Si les motivations du studio peuvent être discutées, convenons que cette transposition dans une époque davantage contemporaine n’est, in fine, pas dénuée de sens : conservant en ce sens les racines surnaturelles, asiatiques et nord-américaine de la vision originale des susnommés, le long-métrage investi intelligemment le plus chinois des quartiers états-uniens : le Chinatown de San Francisco. Point de « sabordage » en tant que tel donc, l’idée étant surtout de connaître l’équation dans sa totalité : à ce titre, la genèse de Big Trouble in Little China est passionnante, d’autant plus que ce dernier aura été un échec cuisant au box-office, d’où le désaveu évoqué plus haut.

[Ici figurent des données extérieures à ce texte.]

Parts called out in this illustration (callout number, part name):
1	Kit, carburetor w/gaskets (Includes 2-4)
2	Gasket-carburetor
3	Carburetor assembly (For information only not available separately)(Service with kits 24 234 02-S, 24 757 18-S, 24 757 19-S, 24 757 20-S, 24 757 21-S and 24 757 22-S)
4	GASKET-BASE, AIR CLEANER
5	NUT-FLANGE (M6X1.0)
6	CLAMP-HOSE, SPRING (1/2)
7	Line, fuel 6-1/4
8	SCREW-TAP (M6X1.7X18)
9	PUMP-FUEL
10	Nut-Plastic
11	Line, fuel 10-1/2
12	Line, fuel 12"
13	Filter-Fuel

Mécanisme maintes fois éprouvé, le marché de la VHS lui assurera néanmoins une notoriété telle que le statut de film culte lui sera accordé, parachevant son unicité : de fait, ce melting-pot de références a cela de remarquable qu’il ne ressemble pourtant à rien d’autre, quand bien même il tendrait à se saborder dans son jusqu’au-boutisme grand-guignolesque. Car si le clin d’œil respectueux au cinéma de Tsui Hark est notable, son intrigue comme son imagerie lui confèrent davantage des allures de parodie assumée : l’envergure théâtrale et exagérée des chorégraphies martiales, son méchant ancestral et ses sbires tenant lieu de boss intermédiaires, sa rythmique débridée… tout concourt à l’instauration d’un capharnaüm généreux mais guère captivant.

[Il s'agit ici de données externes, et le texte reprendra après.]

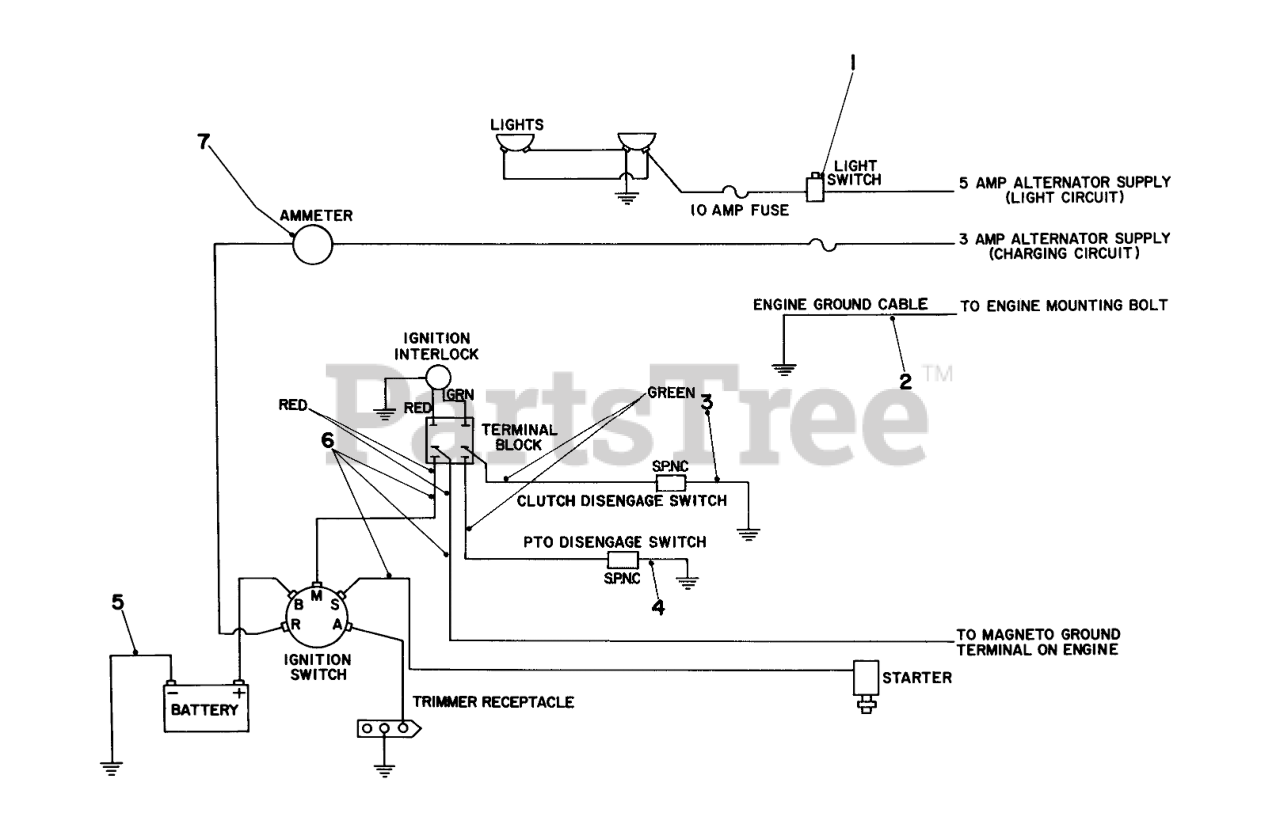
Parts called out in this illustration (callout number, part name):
1	Light Switch
2	ENG-GROUND WIRE ASM
3	Wire Assembly
4	Wire Assembly
5	Wire Assembly
6	Wire Harness
7	Ammeter

En réalité, plutôt que de décortiquer les ressorts d’une trame sans grand sérieux, il convient plutôt d’en souligner les arcanes ironiques : quoi de mieux en ce sens que le statut de Jack Burton qui, s’il est désigné comme le protagoniste principal en vertu de la logique hollywoodienne, s’apparente dans les faits à un sidekick en puissance ? Doué de surcroît de « qualités » beaufs, machistes et autres réjouissances, et bien aidé par la carrure d’un Kurt Russell comme un bouffon dans le houblon, l’irréductible routier enquille en effet punchlines ridiculo-sérieuses et bourdes de bon aloi : détournant avec malice les codes d’une iconisation courante, Big Trouble in Little China se positionne ainsi à contre-courant et parvient à se forger une identité mémorable.


De quoi résister au passage du temps, bien que ses atours, tons et ambiances l’ancrent profondément dans cette temporalité à nulle autre pareille : celle des années 80/90. Il est d’ailleurs amusant d’y déceler des similitudes avec des œuvres « voisines », par-delà la simple étiquette du film d’aventure à forte connotation fantastique (Indiana Jones, et plus spécialement Temple of Doom) : voir apparaître les Tortues Ninja au détour d’une bouche d’égout n’aurait pas été incongru, tandis que les lieutenants de Lo Pan rappellent furieusement les futurs chara-design de Mortal Kombat. Empreint d’une douce folie ambiante, allègrement alimentée par la bêtise de Jack, les mimiques d’antagonistes extravagants et les allers et venues de seconds rôles non moins agités, le long-métrage ne manque pas de panache.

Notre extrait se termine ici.